| About this task |
Only the lines with "Flush" in the entries below belong in the answer; please copy them.

Input data below:

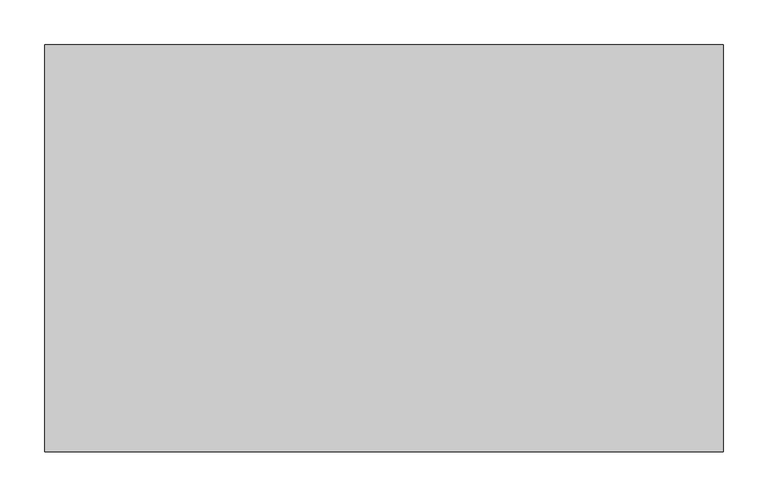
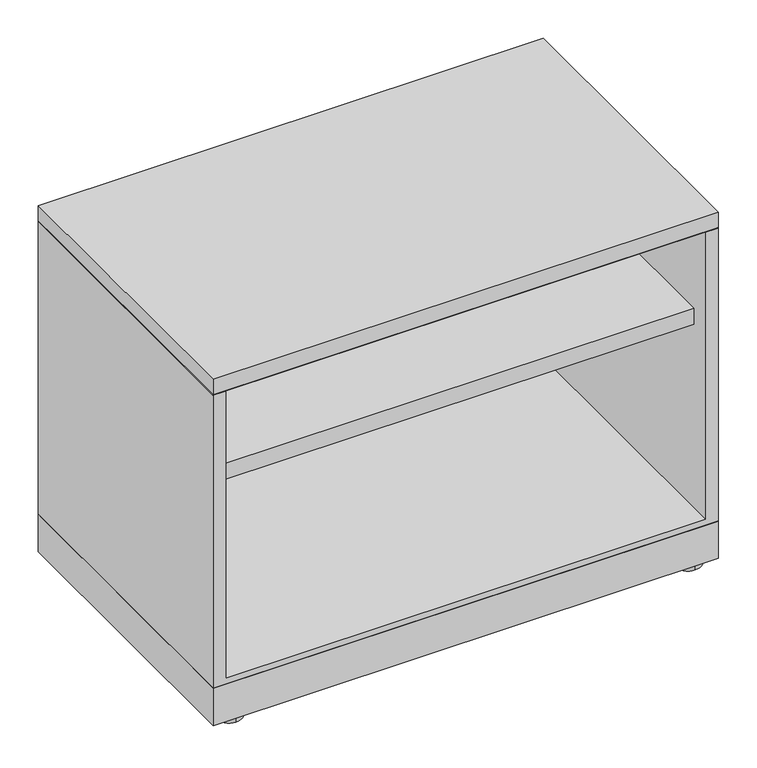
"""IFC4 building model written with IfcOpenShell, lengths in millimetres: furniture geometry, Steelcase - Universal Storage - Lateral File - 1.5 High - Flush Steel : Open/Open - 18D x 30W."""

from ifc_helpers import new_model, si_unit, point, frame, frame_2d, origin, origin_with_axes, place, context, project, spatial, polyline, circle_curve, trimmed, segment, composite_curve, outline, extrude, faceted_brep, source, transform, mapped, element, save


def furniture_1a4c50db(model_context):
    return source(origin(), model_context, "Body", "SolidModel", [
        extrude(outline(polyline([(762.0, 457.2), (762.0, 0.0), (0.0, 0.0), (0.0, 457.2), (762.0, 457.2)])), frame((0.0, 0.0, 6.3500002), z_axis=(0.0, 0.0, 1.0), x_axis=(1.0, 0.0, 0.0)), (0.0, 0.0, 1.0), 59.6899998),
        extrude(outline(composite_curve([segment(trimmed(circle_curve(frame_2d((727.3290058, 434.8633666)), 20.32), [point((727.3290058, 414.5433666))], [point((727.3290058, 455.1833666))], False, "CARTESIAN"), True, "CONTINUOUS"), segment(trimmed(circle_curve(frame_2d((727.3290058, 434.8633666)), 20.32), [point((727.3290058, 455.1833666))], [point((727.3290058, 414.5433666))], False, "CARTESIAN"), True, "CONTINUOUS")], self_intersect=False)), origin_with_axes(), (0.0, 0.0, 1.0), 6.3500002),
        extrude(outline(composite_curve([segment(trimmed(circle_curve(frame_2d((727.3290058, 20.7491455)), 20.32), [point((727.3290058, 0.4291455))], [point((727.3290058, 41.0691455))], False, "CARTESIAN"), True, "CONTINUOUS"), segment(trimmed(circle_curve(frame_2d((727.3290058, 20.7491455)), 20.32), [point((727.3290058, 41.0691455))], [point((727.3290058, 0.4291455))], False, "CARTESIAN"), True, "CONTINUOUS")], self_intersect=False)), origin_with_axes(), (0.0, 0.0, 1.0), 6.3500002),
        extrude(outline(composite_curve([segment(trimmed(circle_curve(frame_2d((34.29, 434.8633666)), 20.32), [point((34.29, 455.1833666))], [point((34.29, 414.5433666))], False, "CARTESIAN"), True, "CONTINUOUS"), segment(trimmed(circle_curve(frame_2d((34.29, 434.8633666)), 20.32), [point((34.29, 414.5433666))], [point((34.29, 455.1833666))], False, "CARTESIAN"), True, "CONTINUOUS")], self_intersect=False)), origin_with_axes(), (0.0, 0.0, 1.0), 6.3500002),
        extrude(outline(composite_curve([segment(trimmed(circle_curve(frame_2d((34.29, 20.7491455)), 20.32), [point((34.29, 41.0691455))], [point((34.29, 0.4291455))], False, "CARTESIAN"), True, "CONTINUOUS"), segment(trimmed(circle_curve(frame_2d((34.29, 20.7491455)), 20.32), [point((34.29, 0.4291455))], [point((34.29, 41.0691455))], False, "CARTESIAN"), True, "CONTINUOUS")], self_intersect=False)), origin_with_axes(), (0.0, 0.0, 1.0), 6.3500002),
        extrude(outline(polyline([(437.7944128, 396.7988176), (437.7944128, 410.7687861), (440.969412, 410.7687861), (440.969412, 371.5257963), (26.822418, 371.5257963), (26.822418, 396.7988176), (437.7944128, 396.7988176)])), frame((22.0472, 0.0, 0.0), z_axis=(1.0, 0.0, 0.0), x_axis=(0.0, 1.0, 0.0)), (0.0, 0.0, 1.0), 717.9056),
        extrude(outline(polyline([(1.45e-05, 534.0350121), (457.2, 534.0350121), (456.4379879, 533.273), (0.7620266, 533.273), (1.45e-05, 534.0350121)])), frame((0.0, 0.0, 0.0), z_axis=(1.0, 0.0, 0.0), x_axis=(0.0, 1.0, 0.0)), (0.0, 0.0, 1.0), 762.0),
        extrude(outline(polyline([(762.0, 457.2), (762.0, 0.0), (0.0, 0.0), (0.0, 457.2), (762.0, 457.2)])), frame((0.0, 0.0, 534.0350121), z_axis=(0.0, 0.0, 1.0), x_axis=(1.0, 0.0, 0.0)), (0.0, 0.0, 1.0), 24.6379729),
        faceted_brep([(762.0, 0.0, 66.04), (762.0, 457.2, 66.04), (762.0, 457.2, 533.273), (762.0, 0.0, 533.273), (0.0, 0.0, 533.273), (0.0, 457.2, 533.273), (0.0, 457.2, 66.04), (0.0, 0.0, 66.04), (742.95, 0.0, 533.273), (742.95, 0.0, 75.1586), (19.05, 0.0, 75.1586), (19.05, 0.0, 533.273), (19.05, 454.0249999, 533.273), (742.95, 454.0249999, 533.273), (19.05, 454.0249999, 75.1586), (742.95, 454.0249999, 75.1586)], [[[0, 1, 2, 3]], [[4, 5, 6, 7]], [[0, 3, 8, 9, 10, 11, 4, 7]], [[2, 1, 6, 5]], [[3, 2, 5, 4, 11, 12, 13, 8]], [[12, 14, 15, 13]], [[14, 12, 11, 10]], [[13, 15, 9, 8]], [[1, 0, 7, 6]], [[10, 9, 15, 14]]]),
    ])


if __name__ == "__main__":
    model = new_model("IFC4")
    model_context = context("Model", 3, world=origin())
    ifc_project = project(units=[si_unit("LENGTHUNIT", "METRE", prefix="MILLI")], contexts=[model_context])
    site = spatial("IfcSite", under=ifc_project)
    building = spatial("IfcBuilding", under=site)
    placement = place(None, origin())
    furniture_shape = furniture_1a4c50db(model_context)
    element("IfcFurniture", 1, ObjectType="Steelcase - Universal Storage - Lateral File - 1.5 High - Flush Steel : Open/Open - 18D x 30W", at=placement, inside=building, context=model_context, shape_type="MappedRepresentation", body=[
        mapped(furniture_shape, transform((0.0, 0.0, 0.0), x_axis=(1.0, 0.0, 0.0), y_axis=(0.0, 1.0, 0.0), z_axis=(0.0, 0.0, 1.0))),
    ])
    save(model, "model.ifc")
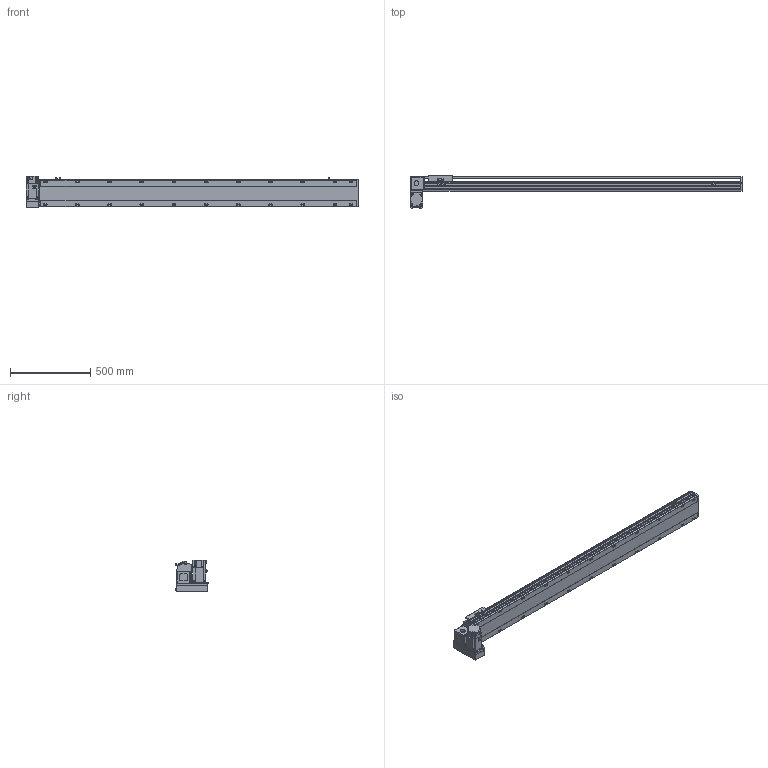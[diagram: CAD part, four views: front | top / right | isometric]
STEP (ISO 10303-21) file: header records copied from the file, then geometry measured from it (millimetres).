
FILE_DESCRIPTION( ( 'STEP AP214' ), '1' );
FILE_NAME( 'x:/temp/worker_4/temp/exporttempdir_2248_338_PvJPc/format_0/PBS170-P40-S1700-LD-T75-C1-N(0).stp', '2022-06-07T07:53:57', ( 'License CC BY-ND 4.0' ), ( 'CADENAS' ), ' ', 'PARTsolutions', ' ' );
FILE_SCHEMA( ( 'AUTOMOTIVE_DESIGN { 1 0 10303 214 1 1 1 1 }' ) );
Length unit declared in the file: millimetre
Products named in the file (7): PBS170-P40-S1700-LD-T75-C1-N(0); _PBS170-S1700()_body; _PBS170T-LD_motors; _T75-p1; _PBS170_sliser; _PBS170_plant; _PBS170_sensor
Assembly tree (8 placements, depth 2):
  PBS170-P40-S1700-LD-T75-C1-N(0)
    _PBS170-S1700()_body
    _PBS170T-LD_motors
    _T75-p1
    _PBS170_sliser
    _PBS170_plant
    _PBS170_sensor  x3
Bounding box: 2063 x 201 x 197.3 mm (x, y, z)
Volume: 15977053.4 mm3; surface area: 2042360.4 mm2
Topology: 8 solids, 8 shells, 1130 faces, 2995 edges, 1952 vertices
Faces by surface type: plane 705, cylinder 363, cone 52, sphere 8, torus 2
Full cylindrical faces by diameter (mm): 3.242 x4, 4 x2, 4.4 x4, 4.5 x6, 4.917 x4, 6 x9, 6.647 x30, 7 x2, 7.5 x4, 8 x8, 8.5 x22, 10 x4, 10.5 x22, 11 x2, 30 x2, 40 x1, 70 x1
Entity records: 41666 total; most frequent: CARTESIAN_POINT 6725, DIRECTION 5510, ORIENTED_EDGE 5208, EDGE_CURVE 2604, AXIS2_PLACEMENT_3D 1927, VERTEX_POINT 1802, LINE 1656, VECTOR 1656
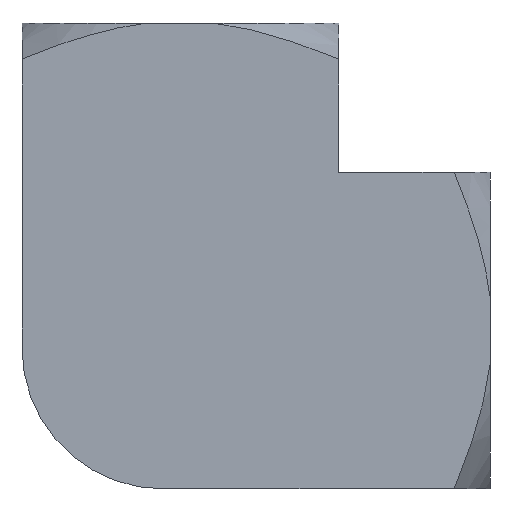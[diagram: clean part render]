
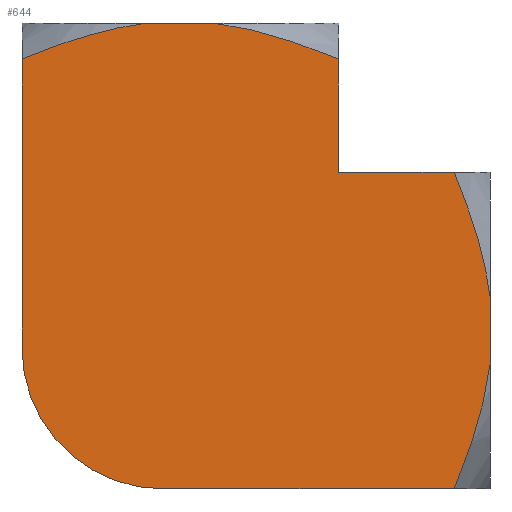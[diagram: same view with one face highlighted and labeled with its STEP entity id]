
A CAD part, front view. The second image highlights one B-rep face of the part: STEP entity #644.
In plain terms, the highlighted planar face has unit normal (0, -1, 0).
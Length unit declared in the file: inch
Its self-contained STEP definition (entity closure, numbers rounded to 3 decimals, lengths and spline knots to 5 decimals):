
#17=(
BOUNDED_CURVE()
B_SPLINE_CURVE(2,(#1124,#1125,#1126),.UNSPECIFIED.,.F.,.F.)
B_SPLINE_CURVE_WITH_KNOTS((3,3),(0.,0.58466),.UNSPECIFIED.)
CURVE()
GEOMETRIC_REPRESENTATION_ITEM()
RATIONAL_B_SPLINE_CURVE((1.,1.056,1.))
REPRESENTATION_ITEM('')
);
#18=(
BOUNDED_CURVE()
B_SPLINE_CURVE(2,(#1128,#1129,#1130),.UNSPECIFIED.,.F.,.F.)
B_SPLINE_CURVE_WITH_KNOTS((3,3),(0.,0.58466),.UNSPECIFIED.)
CURVE()
GEOMETRIC_REPRESENTATION_ITEM()
RATIONAL_B_SPLINE_CURVE((1.,1.056,1.))
REPRESENTATION_ITEM('')
);
#19=(
BOUNDED_CURVE()
B_SPLINE_CURVE(2,(#1135,#1136,#1137),.UNSPECIFIED.,.F.,.F.)
B_SPLINE_CURVE_WITH_KNOTS((3,3),(0.,0.58586),.UNSPECIFIED.)
CURVE()
GEOMETRIC_REPRESENTATION_ITEM()
RATIONAL_B_SPLINE_CURVE((1.,1.057,1.))
REPRESENTATION_ITEM('')
);
#20=(
BOUNDED_CURVE()
B_SPLINE_CURVE(2,(#1139,#1140,#1141),.UNSPECIFIED.,.F.,.F.)
B_SPLINE_CURVE_WITH_KNOTS((3,3),(0.,0.58586),.UNSPECIFIED.)
CURVE()
GEOMETRIC_REPRESENTATION_ITEM()
RATIONAL_B_SPLINE_CURVE((1.,1.057,1.))
REPRESENTATION_ITEM('')
);
#52=PLANE('',#729);
#88=FACE_OUTER_BOUND('',#129,.T.);
#129=EDGE_LOOP('',(#516,#517,#518,#519,#520,#521,#522,#523,#524,#525,#526,
#527,#528));
#151=LINE('',#973,#186);
#158=LINE('',#1008,#193);
#164=LINE('',#1104,#199);
#170=LINE('',#1123,#205);
#171=LINE('',#1132,#206);
#172=LINE('',#1134,#207);
#173=LINE('',#1143,#208);
#174=LINE('',#1144,#209);
#186=VECTOR('',#779,0.3937);
#193=VECTOR('',#812,0.3937);
#199=VECTOR('',#878,0.3937);
#205=VECTOR('',#886,0.3937);
#206=VECTOR('',#887,0.3937);
#207=VECTOR('',#888,0.3937);
#208=VECTOR('',#889,0.3937);
#209=VECTOR('',#890,0.3937);
#243=CIRCLE('',#726,0.25);
#260=VERTEX_POINT('',#970);
#261=VERTEX_POINT('',#972);
#275=VERTEX_POINT('',#1005);
#276=VERTEX_POINT('',#1007);
#292=VERTEX_POINT('',#1094);
#293=VERTEX_POINT('',#1095);
#296=VERTEX_POINT('',#1103);
#302=VERTEX_POINT('',#1122);
#303=VERTEX_POINT('',#1127);
#304=VERTEX_POINT('',#1131);
#305=VERTEX_POINT('',#1133);
#306=VERTEX_POINT('',#1138);
#307=VERTEX_POINT('',#1142);
#327=EDGE_CURVE('',#260,#261,#151,.T.);
#344=EDGE_CURVE('',#275,#276,#158,.T.);
#369=EDGE_CURVE('',#292,#293,#243,.T.);
#373=EDGE_CURVE('',#293,#296,#164,.T.);
#381=EDGE_CURVE('',#302,#292,#170,.T.);
#382=EDGE_CURVE('',#276,#302,#17,.T.);
#383=EDGE_CURVE('',#303,#275,#18,.T.);
#384=EDGE_CURVE('',#303,#304,#171,.T.);
#385=EDGE_CURVE('',#305,#304,#172,.T.);
#386=EDGE_CURVE('',#261,#305,#19,.T.);
#387=EDGE_CURVE('',#306,#260,#20,.T.);
#388=EDGE_CURVE('',#307,#306,#173,.T.);
#389=EDGE_CURVE('',#307,#296,#174,.T.);
#516=ORIENTED_EDGE('',*,*,#369,.F.);
#517=ORIENTED_EDGE('',*,*,#381,.F.);
#518=ORIENTED_EDGE('',*,*,#382,.F.);
#519=ORIENTED_EDGE('',*,*,#344,.F.);
#520=ORIENTED_EDGE('',*,*,#383,.F.);
#521=ORIENTED_EDGE('',*,*,#384,.T.);
#522=ORIENTED_EDGE('',*,*,#385,.F.);
#523=ORIENTED_EDGE('',*,*,#386,.F.);
#524=ORIENTED_EDGE('',*,*,#327,.F.);
#525=ORIENTED_EDGE('',*,*,#387,.F.);
#526=ORIENTED_EDGE('',*,*,#388,.F.);
#527=ORIENTED_EDGE('',*,*,#389,.T.);
#528=ORIENTED_EDGE('',*,*,#373,.F.);
#644=ADVANCED_FACE('',(#88),#52,.F.);
#726=AXIS2_PLACEMENT_3D('',#1096,#870,#871);
#729=AXIS2_PLACEMENT_3D('',#1121,#884,#885);
#779=DIRECTION('',(1.,0.,0.));
#812=DIRECTION('',(0.,0.,-1.));
#870=DIRECTION('center_axis',(0.,1.,0.));
#871=DIRECTION('ref_axis',(-0.707,0.,-0.707));
#878=DIRECTION('',(0.,0.,1.));
#884=DIRECTION('center_axis',(0.,1.,0.));
#885=DIRECTION('ref_axis',(0.,0.,-1.));
#886=DIRECTION('',(-1.,0.,0.));
#887=DIRECTION('',(-1.,0.,0.));
#888=DIRECTION('',(0.,0.,-1.));
#889=DIRECTION('',(0.,0.,1.));
#890=DIRECTION('',(-1.,0.,0.));
#970=CARTESIAN_POINT('',(-0.05959,-0.281,0.546));
#972=CARTESIAN_POINT('',(0.05959,-0.281,0.546));
#973=CARTESIAN_POINT('',(-0.1405,-0.281,0.546));
#1005=CARTESIAN_POINT('',(0.55,-0.281,0.06029));
#1007=CARTESIAN_POINT('',(0.55,-0.281,-0.06029));
#1008=CARTESIAN_POINT('',(0.55,-0.281,0.1405));
#1094=CARTESIAN_POINT('',(-0.031,-0.281,-0.281));
#1095=CARTESIAN_POINT('',(-0.281,-0.281,-0.031));
#1096=CARTESIAN_POINT('Origin',(-0.031,-0.281,-0.031));
#1103=CARTESIAN_POINT('',(-0.281,-0.281,0.281));
#1104=CARTESIAN_POINT('',(-0.281,-0.281,0.1405));
#1121=CARTESIAN_POINT('Origin',(0.55,-0.281,0.281));
#1122=CARTESIAN_POINT('',(0.48649,-0.281,-0.281));
#1123=CARTESIAN_POINT('',(0.,-0.281,-0.281));
#1124=CARTESIAN_POINT('Ctrl Pts',(0.55,-0.281,-0.06029));
#1125=CARTESIAN_POINT('Ctrl Pts',(0.53878,-0.281,-0.15292));
#1126=CARTESIAN_POINT('Ctrl Pts',(0.48649,-0.281,-0.281));
#1127=CARTESIAN_POINT('',(0.48649,-0.281,0.281));
#1128=CARTESIAN_POINT('Ctrl Pts',(0.48649,-0.281,0.281));
#1129=CARTESIAN_POINT('Ctrl Pts',(0.53878,-0.281,0.15292));
#1130=CARTESIAN_POINT('Ctrl Pts',(0.55,-0.281,0.06029));
#1131=CARTESIAN_POINT('',(0.2808,-0.281,0.281));
#1132=CARTESIAN_POINT('',(0.,-0.281,0.281));
#1133=CARTESIAN_POINT('',(0.2808,-0.281,0.48249));
#1134=CARTESIAN_POINT('',(0.2808,-0.281,0.281));
#1135=CARTESIAN_POINT('Ctrl Pts',(0.05959,-0.281,0.546));
#1136=CARTESIAN_POINT('Ctrl Pts',(0.15242,-0.281,0.53488));
#1137=CARTESIAN_POINT('Ctrl Pts',(0.2808,-0.281,0.48249));
#1138=CARTESIAN_POINT('',(-0.2808,-0.281,0.48249));
#1139=CARTESIAN_POINT('Ctrl Pts',(-0.2808,-0.281,0.48249));
#1140=CARTESIAN_POINT('Ctrl Pts',(-0.15242,-0.281,0.53488));
#1141=CARTESIAN_POINT('Ctrl Pts',(-0.05959,-0.281,0.546));
#1142=CARTESIAN_POINT('',(-0.2808,-0.281,0.281));
#1143=CARTESIAN_POINT('',(-0.2808,-0.281,0.281));
#1144=CARTESIAN_POINT('',(0.,-0.281,0.281));

End of Input data.

| Your solution |
"""IFC4 building model written with IfcOpenShell, lengths in millimetres: furniture geometry, Steelcase - Universal Storage - Lateral File - 1.5 High - Flush Steel : Open/Open - 18D x 30W."""
    element("IfcFurniture", 1, ObjectType="Steelcase - Universal Storage - Lateral File - 1.5 High - Flush Steel : Open/Open - 18D x 30W", at=placement, inside=building, context=model_context, shape_type="MappedRepresentation", body=[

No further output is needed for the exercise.